In many aircraft piston engines they call for a heat transfer grease/compound on plugs, the same stuff as you get on computer CPU heatsinks. Cannot remember the details of the grease now.

    

Bonzo

Bonzo
Life time member
Life time member
That's settled then. Conflicting  (o)


__________________________________________________
1990 K100RS 4V (VIN# 6406682)
2017 R1200RS SE Sport
    

cycleman

cycleman
Silver member
Silver member
I'm in the dry camp when it comes to spark plugs. Anti seize or anything else added to the threads can affect the heat transfer and grounding from the plug to the head.

    

RicK G

RicK G
admin
admin
I have used antiseize always when an alloy head is concerned. Over the years I have had to fix quite a few alloy heads that have had damaged plug threads some due to cross threading but also due to the plug seizing in the thread after being left too long before being changed or checked.
I suppose it could have a small negative effect on heat transfer but I don't think it would have any negative effect on conductivity.

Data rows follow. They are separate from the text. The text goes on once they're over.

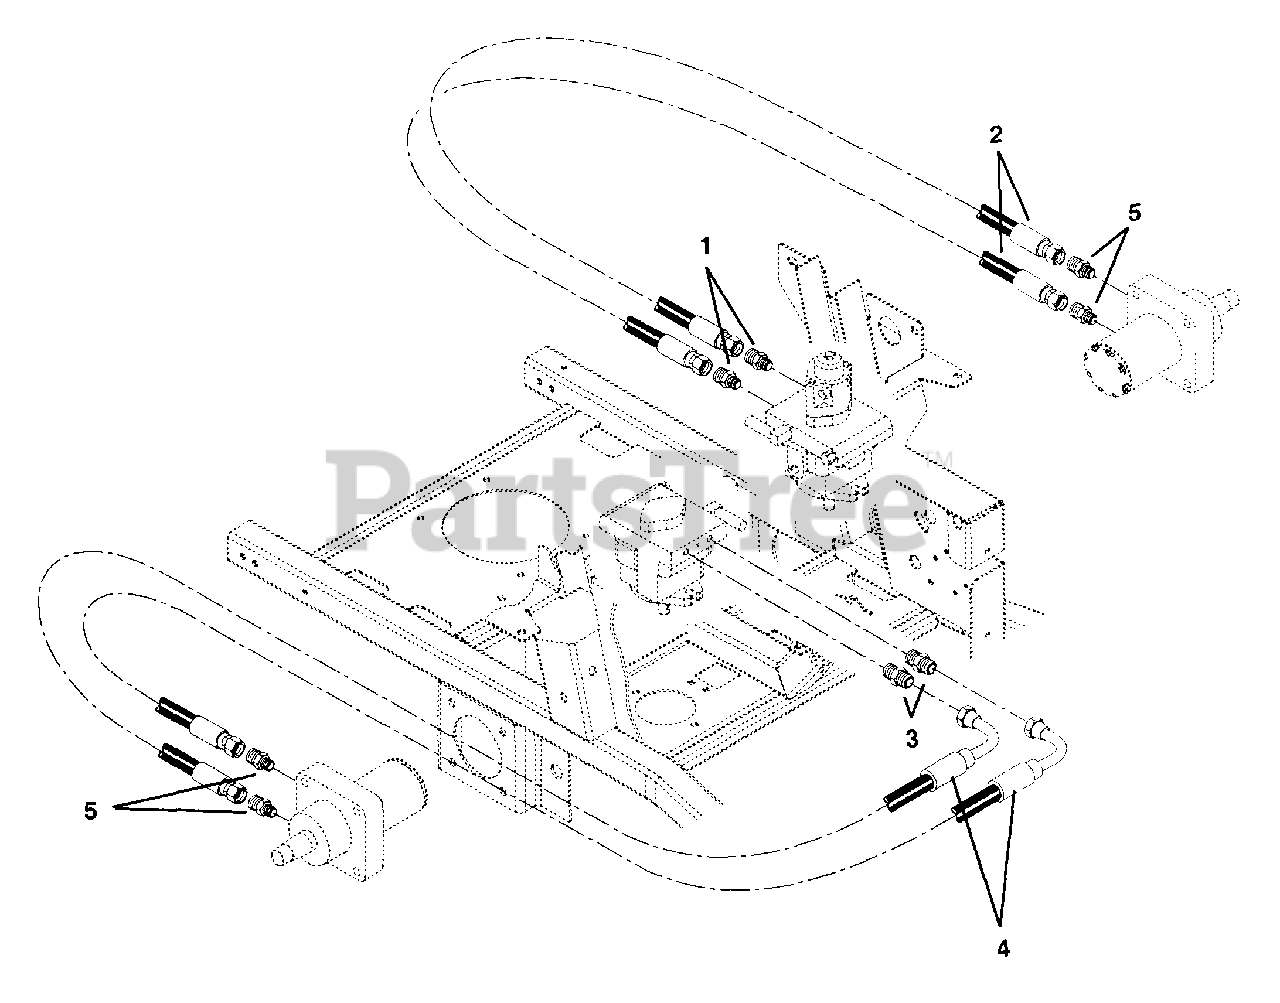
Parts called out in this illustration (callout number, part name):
1	Adapter-Hydraulic Steel .75 to .75
2	Hose-Hydraulic .50 18.75 Long
3	Adapter-Hydraulic Steel .75 to .75
4	Hose-Hydraulic .50 32 Long
5	Adapter-Hydraulic Steel 7/8 to 3/4
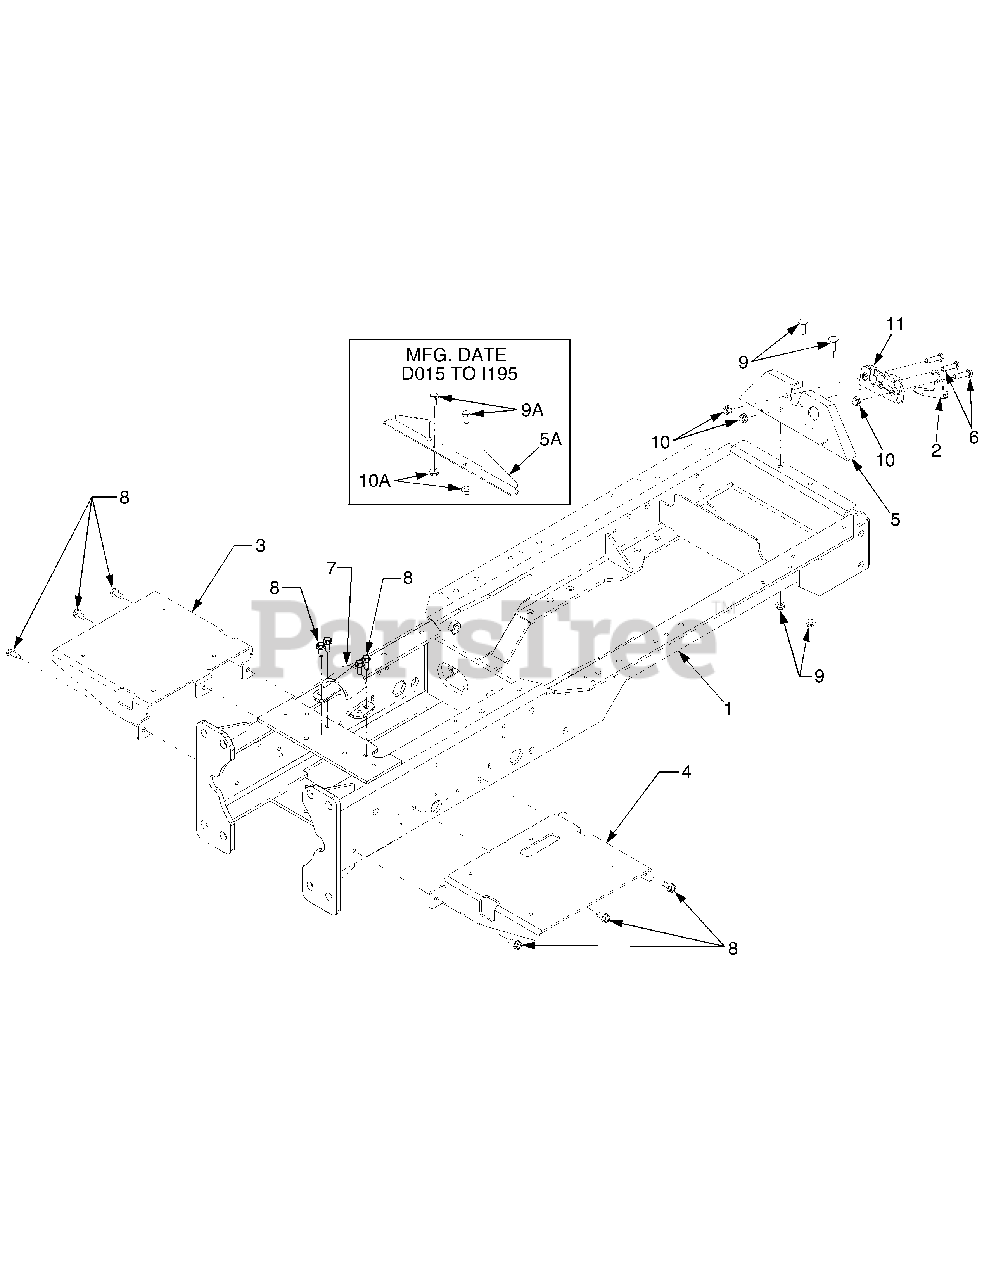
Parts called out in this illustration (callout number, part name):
1	Frame Assembly
2	Lever, Hood Latch - Original Style
3	Bracket, Runng Brd Mtg. LH
4	Bracket, Runng Brd Mtg. RH
5	Bracket, Hood Latch Mtg
6	Screw, Hex Cap, 5/16-18 x 1.375 GR5
9	Screw, Carriage, 5/16-18 x .75
9A	Screw, Hex Cap, 5/16-18 x .625 GR5
10	Nut, Hx Flange Lck, 5/16-18
10A	Nut, Hx Flnge Insert Lk, 5/16-
11	Latch, Hood

__________________________________________________
"Man sacrifices his health in order to make money.
Then he sacrifices money to recuperate his health.
And then he is so anxious about the future that he does not enjoy the present; the result being that he does not live in the present or the future; he lives as if he is never going to die, and then dies having never really lived."   Dalai Lama


Bikes 2004 K1200GT 1998 K1100 LT, 1993 K75 RT, 1996 K75RT, 1986 K75 GS, 1979 Z1300 Kawasaki
    

Point-Seven-five

Point-Seven-five
Life time member
Life time member
The danger with lubricating the threads is that it makes it easier to overtighten the plug and strip the threads out of the head if you aren't careful. It's the reason I use a lower setting on my torque wrench when installing spark plugs.

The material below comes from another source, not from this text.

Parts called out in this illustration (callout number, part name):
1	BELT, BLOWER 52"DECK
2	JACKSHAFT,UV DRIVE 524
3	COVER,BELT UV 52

As far as heat transfer, the spark plug has absolutely nothing to do with removing heat from the cylinder, the only purpose for the heat transfer is to be low enough to keep the plug tip hot enough to burn off any carbon deposits, but not so hot that the electrode melts. The most important factor in heat transfer is the ceramic insulator that surrounds the center electrode. That's the part that changes for different heat ranges. A film of copper(a very good heat conductor) a couple hundred thousandths of an inch(.00001") thick has virtually no effect on the heat transfer from the plug to the head.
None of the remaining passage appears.